From a small estate in the Yellingbo Conservation Nature Reserve, located in southeastern Australia, the Meltzer family has created a wonderful and unique addition to our olive oil stable. Using an interesting mix of varietals for their oil, they've created a robust blend just for us! The Yellingbo oil is very small-production stuff. The Meltzers have only about 2,500 trees on the farm, and they're not really interested in getting a whole lot bigger. The year before last they produced about 3,000 liters...very small compared to much of what's being produced out there.
They have their own press on the farm and press the olives in less than six hours from the time they're picked--that's exceptionally fast and helps protect the quality of the oil (24 hours is considered to be very good). Most of the harvest work is still done by the family and some friends.

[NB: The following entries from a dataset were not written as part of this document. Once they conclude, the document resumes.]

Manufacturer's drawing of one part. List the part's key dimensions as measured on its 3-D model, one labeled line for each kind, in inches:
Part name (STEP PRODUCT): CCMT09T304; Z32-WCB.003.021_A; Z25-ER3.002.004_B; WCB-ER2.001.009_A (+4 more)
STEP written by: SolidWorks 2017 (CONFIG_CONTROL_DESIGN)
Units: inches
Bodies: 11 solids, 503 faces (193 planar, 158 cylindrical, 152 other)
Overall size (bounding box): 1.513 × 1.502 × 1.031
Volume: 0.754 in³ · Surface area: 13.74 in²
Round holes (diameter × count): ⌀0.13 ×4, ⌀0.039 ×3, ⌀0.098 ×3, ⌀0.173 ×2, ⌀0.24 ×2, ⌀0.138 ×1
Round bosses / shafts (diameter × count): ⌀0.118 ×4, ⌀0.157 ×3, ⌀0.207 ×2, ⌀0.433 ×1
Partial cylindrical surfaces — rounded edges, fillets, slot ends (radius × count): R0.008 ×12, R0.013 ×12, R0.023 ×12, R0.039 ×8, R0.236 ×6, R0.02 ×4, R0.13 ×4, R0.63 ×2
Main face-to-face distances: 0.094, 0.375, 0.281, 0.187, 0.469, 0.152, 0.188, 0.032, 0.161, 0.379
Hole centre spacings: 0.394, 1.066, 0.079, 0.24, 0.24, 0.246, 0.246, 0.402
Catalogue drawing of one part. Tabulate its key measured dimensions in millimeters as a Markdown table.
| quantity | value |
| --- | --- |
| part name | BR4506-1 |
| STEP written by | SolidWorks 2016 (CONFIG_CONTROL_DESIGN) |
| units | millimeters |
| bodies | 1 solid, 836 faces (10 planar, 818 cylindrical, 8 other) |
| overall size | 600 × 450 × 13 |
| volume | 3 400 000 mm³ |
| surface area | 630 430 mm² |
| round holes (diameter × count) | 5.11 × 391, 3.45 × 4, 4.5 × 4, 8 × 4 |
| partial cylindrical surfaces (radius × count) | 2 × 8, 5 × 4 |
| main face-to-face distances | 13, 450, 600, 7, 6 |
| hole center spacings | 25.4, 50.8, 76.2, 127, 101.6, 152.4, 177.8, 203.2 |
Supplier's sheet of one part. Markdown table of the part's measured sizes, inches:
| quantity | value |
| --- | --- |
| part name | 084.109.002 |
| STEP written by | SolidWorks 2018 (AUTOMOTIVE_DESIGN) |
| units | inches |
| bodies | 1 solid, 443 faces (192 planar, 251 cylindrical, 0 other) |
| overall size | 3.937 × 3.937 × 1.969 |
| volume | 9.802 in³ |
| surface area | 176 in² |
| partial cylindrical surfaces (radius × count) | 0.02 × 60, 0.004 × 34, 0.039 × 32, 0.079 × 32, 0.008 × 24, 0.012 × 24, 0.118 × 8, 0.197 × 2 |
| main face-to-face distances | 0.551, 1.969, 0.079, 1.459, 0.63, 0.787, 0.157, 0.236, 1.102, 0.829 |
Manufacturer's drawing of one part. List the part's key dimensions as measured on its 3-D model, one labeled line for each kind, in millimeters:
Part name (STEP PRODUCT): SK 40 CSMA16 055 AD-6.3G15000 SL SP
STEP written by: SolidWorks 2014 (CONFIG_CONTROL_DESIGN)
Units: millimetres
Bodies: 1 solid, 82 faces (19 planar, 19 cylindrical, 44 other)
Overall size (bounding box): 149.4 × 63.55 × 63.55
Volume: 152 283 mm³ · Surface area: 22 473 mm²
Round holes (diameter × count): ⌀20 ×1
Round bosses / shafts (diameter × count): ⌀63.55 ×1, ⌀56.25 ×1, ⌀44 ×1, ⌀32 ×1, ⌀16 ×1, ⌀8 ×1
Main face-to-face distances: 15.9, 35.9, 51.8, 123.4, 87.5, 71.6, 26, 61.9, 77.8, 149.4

Because the Meltzers press each of their seven varietals of olives separately then mix them from there, they were able to do a special blend for us consisting of
manzanilla, frantoio, picual
olives. That means the Yellingbo bottle we sell is going to taste a bit different--better, we think--than what's available elsewhere. Bold and unfiltered, fruity and nutty undertones with a mild peppery finish, this oil is delectable in pastas, risotto and for finishing meats and seafood. Rich, creamy and nutty, this is an oil to be savored. And the bird that graces the label? It's the endangered Helmeted Honeyeater, which feels right at home gliding through the Meltzers orchards with beaks full of olives. But the Meltzers don't mind sharing the Gold.
Joseph La Casetta Vinegar
You don't have to dig very far to find the romance in Joseph La Casetta Aged Vinegar. It could be the open-air fires in the South Australian plains where the fresh grape must (juice) is reduced to half its volume, the five years of careful aging in old wine casks, or the tribute to maker Joe Grilli's grandfather who first pioneered the recipe on the family's Italian estate--this small-batch brew is as rich in history as it is in flavor.
The result of this labor of love from the Primo Estate winery leaves little to be desired. Smoky, caramel-y, and just a tiny bit sweet, it's reminiscent of sherry or even a single malt Scotch. Yet it's smooth enough to sip on its own.
But why stop there? Joseph's uncommon flavor will bring a new edge to all sorts of dishes. Try it as a dressing on bitter greens, brush some on bruschetta, or pick up a bottle just in time for grilling season and add a little Outback to your asparagus or red peppers.
Moutere Grove olive oil
I compel you to go green, and I think it is okay to start with Moutere Grove. I was first introduced to this exotic oil at my very first tasting. Solomon, one of the Deli's olive oil experts, can be a bit intimidating with all his knowledge, and I squirmed in my seat the whole time. I was eager to learn as we went through all the oils and then towards the end he spoke of Austrailian and New Zealand oils. The minute I tried this unfamiliar oil I was in love. Even though I ended up behind the cheese counter, I still find myself sneaking over to dry goods to snatch a taste. I later found out that the rich emerald-toned olive oil is from New Zealand's south island region and it is named for the Moutere Valley. This valley is home of rich clay soils that produce beautiful fruit and delicious wines. This strong oil, with deep green and grassy flavors, will make you take a double look at the label. It has won many international awards and comes from a single estate. It is even certified organic. You may never go back to any other oil. Go ahead be adventurous, ask for a taste.